# T-Mobile Pay As You Go plan



## AprilSun (May 11, 2018)

Have you tried the T-Mobile Pay As You Go plan for just $3 month for 30 minutes and 10 cents a minute after 30 minutes? If so, how did you like it? I am considering getting it because I would just use it if and when I had an emergency. Otherwise, I will use my land line.


----------



## Marie5656 (May 11, 2018)

*
I use tracfone.  Not sure what they have*


----------



## Don M. (May 11, 2018)

That sounds like a good plan.  I've kept a small TracFone active for the past few years....costs us $7 a month...we just carry it when we are away from the house.  If you are like us, and have no use for "Tweeting and Texting", it doesn't make sense to pay more than a few dollars a month to stay in contact.


----------



## terry123 (May 11, 2018)

Love my consumer cellular phone.  Got rid of the landline months ago. Unlimited calling and text for $25.00 a month. I don't text much but get them from the kids. Why pay for a land line.


----------



## AprilSun (May 11, 2018)

Don M. said:


> That sounds like a good plan.  I've kept a small TracFone active for the past few years....costs us $7 a month...we just carry it when we are away from the house.  If you are like us, and have no use for "Tweeting and Texting", it doesn't make sense to pay more than a few dollars a month to stay in contact.



I had tried a Boost Mobile phone a few years ago and I never used it. But, I still had to keep buying more minutes to keep the service active. The minutes rolled over but that doesn't help when you don't use them. I found this plan by searching on-line. I had read it was for Seniors. You can read about it at https://prepaid.t-mobile.com/marketing-module/pay_as_you_go.html It offers texting during the 30 minutes but I won't use it because I don't want to text. When I find the phone that I can use, this is the plan I will get.


----------



## HipGnosis (May 11, 2018)

When I dropped my landline - I ported the # to an old cell phone because so many people had the #, and because I don't want everyone calling my 'main' cell phone. I put the phone on PagePlus, which is a Verizon network 3rd party seller.  It's cheapest pay-as-you-go is $10, and lasts for 4 months.  It's $0.10 per minute and $0.05 for ea text sent & received.  I have the data turned off on the phone.  I've never used up all of the $10, but if I do, I can buy another $10 at anytime.   
I use a calendar / reminder program on my PC to renew it before it expires.


----------



## SeaBreeze (May 11, 2018)

I use Tracfone too, generally for short calls now and then and to have for an emergency.  So far $80 a year gets me all the air time and minutes I need.  Don't go online with it or do anything but traditional local calling.  I actually share the phone with my husband.


----------



## Mike (May 12, 2018)

I just got an excellent deal from British Telecoms,
500MB data, unlimited calls/minutes and unlimited
texts, all for £7.50 per month, around $10.

Mike.


----------



## Butterfly (May 12, 2018)

AprilSun said:


> Have you tried the T-Mobile Pay As You Go plan for just $3 month for 30 minutes and 10 cents a minute after 30 minutes?
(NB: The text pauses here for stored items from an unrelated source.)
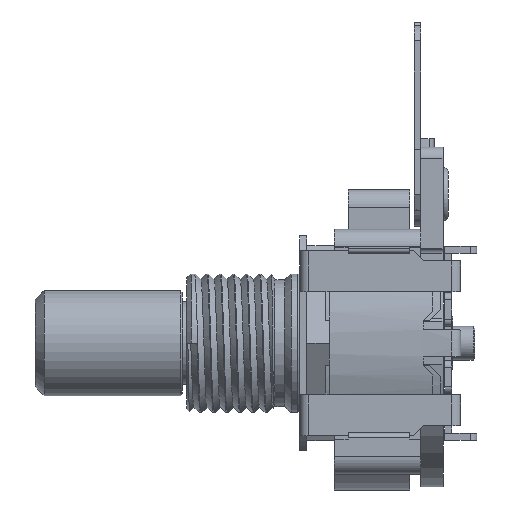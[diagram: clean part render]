
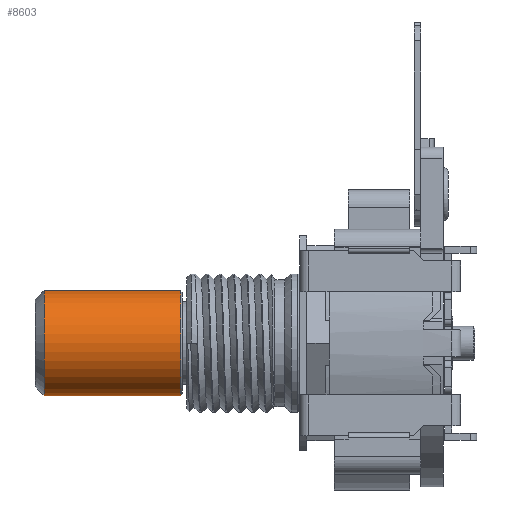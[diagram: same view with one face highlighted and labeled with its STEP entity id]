
A CAD part, left-side view. The second image highlights one B-rep face of the part: STEP entity #8603.
In plain terms, the highlighted cylindrical face has radius 3 mm (diameter 6 mm), a partial arc.
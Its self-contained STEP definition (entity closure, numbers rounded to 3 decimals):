
#336 = CARTESIAN_POINT ( 'NONE',  ( 0., 0., 0. ) ) ;
#338 = DIRECTION ( 'NONE',  ( 0., -1., 0. ) ) ;
#551 = DIRECTION ( 'NONE',  ( 0., -1., 0. ) ) ;
#794 = CARTESIAN_POINT ( 'NONE',  ( 0., 16.794, 3. ) ) ;
#1580 = CIRCLE ( 'NONE', #13385, 3. ) ;
#2011 = VERTEX_POINT ( 'NONE', #17708 ) ;
#2367 = ORIENTED_EDGE ( 'NONE', *, *, #18143, .F. ) ;
#2488 = CIRCLE ( 'NONE', #13608, 3. ) ;
#3129 = CARTESIAN_POINT ( 'NONE',  ( 0., 16.794, 0. ) ) ;
#3662 = CARTESIAN_POINT ( 'NONE',  ( 0., 24.592, 0. ) ) ;
#5314 = CARTESIAN_POINT ( 'NONE',  ( 0., 24.592, 3. ) ) ;
#5386 = ORIENTED_EDGE ( 'NONE', *, *, #19388, .T. ) ;
#6681 = CARTESIAN_POINT ( 'NONE',  ( 0., 0., 3. ) ) ;
#6821 = DIRECTION ( 'NONE',  ( 0., 0., -1. ) ) ;
#7201 = CYLINDRICAL_SURFACE ( 'NONE', #14908, 3. ) ;
#8475 = LINE ( 'NONE', #6681, #13270 ) ;
#8603 = ADVANCED_FACE ( 'NONE', ( #13223 ), #7201, .T. ) ;
#8664 = VERTEX_POINT ( 'NONE', #5314 ) ;
#9176 = ORIENTED_EDGE ( 'NONE', *, *, #11737, .F. ) ;
#9341 = VERTEX_POINT ( 'NONE', #794 ) ;
#9557 = CARTESIAN_POINT ( 'NONE',  ( 0., 24.592, -3. ) ) ;
#10064 = DIRECTION ( 'NONE',  ( 0., 0., -1. ) ) ;
#10103 = DIRECTION ( 'NONE',  ( 0., -1., 0. ) ) ;
#10300 = ORIENTED_EDGE ( 'NONE', *, *, #14432, .T. ) ;
#10623 = VECTOR ( 'NONE', #17399, 1000. ) ;
#10957 = LINE ( 'NONE', #17498, #10623 ) ;
#11737 = EDGE_CURVE ( 'NONE', #8664, #9341, #8475, .T. ) ;
#13223 = FACE_OUTER_BOUND ( 'NONE', #15522, .T. ) ;
#13270 = VECTOR ( 'NONE', #338, 1000. ) ;
#13385 = AXIS2_PLACEMENT_3D ( 'NONE', #3129, #19085, #17499 ) ;
#13608 = AXIS2_PLACEMENT_3D ( 'NONE', #3662, #10103, #6821 ) ;
#14432 = EDGE_CURVE ( 'NONE', #15934, #2011, #10957, .T. ) ;
#14908 = AXIS2_PLACEMENT_3D ( 'NONE', #336, #551, #10064 ) ;
#15522 = EDGE_LOOP ( 'NONE', ( #9176, #5386, #10300, #2367 ) ) ;
#15934 = VERTEX_POINT ( 'NONE', #9557 ) ;
#17399 = DIRECTION ( 'NONE',  ( 0., -1., 0. ) ) ;
#17498 = CARTESIAN_POINT ( 'NONE',  ( 0., 0., -3. ) ) ;
#17499 = DIRECTION ( 'NONE',  ( 0., 0., -1. ) ) ;
#17708 = CARTESIAN_POINT ( 'NONE',  ( 0., 16.794, -3. ) ) ;
#18143 = EDGE_CURVE ( 'NONE', #9341, #2011, #1580, .T. ) ;
#19085 = DIRECTION ( 'NONE',  ( 0., -1., 0. ) ) ;
#19388 = EDGE_CURVE ( 'NONE', #8664, #15934, #2488, .T. ) ;

If so, how did you like it? I am considering getting it because I would just use it if and when I had an emergency. Otherwise, I will use my land line.



AprilSun, I've used this plan for years and I LOVE it.  It costs me almost nothing because I use it very little; I am not a big phone talker, I don't text and I don't want/need internet on my phone.  Try it -- you'll save a fortune!


----------



## AprilSun (May 12, 2018)

Butterfly said:


> AprilSun, I've used this plan for years and I LOVE it.  It costs me almost nothing because I use it very little; I am not a big phone talker, I don't text and I don't want/need internet on my phone.  Try it -- you'll save a fortune!



Thank you for this information! I was hoping someone either is trying it or had. I haven't had a cell phone in so long and my son-in-law got it for me so I've sorta inexperienced about it. When I can figure out what I'm suppose to do to get it and what type of phone I need to use with it, I will get it! I'm like you, I don't want text, internet and none of that fancy stuff on my cell phone. I just want a plain phone.


----------



## AprilSun (May 17, 2018)

Butterfly said:


> AprilSun, I've used this plan for years and I LOVE it.  It costs me almost nothing because I use it very little; I am not a big phone talker, I don't text and I don't want/need internet on my phone.  Try it -- you'll save a fortune!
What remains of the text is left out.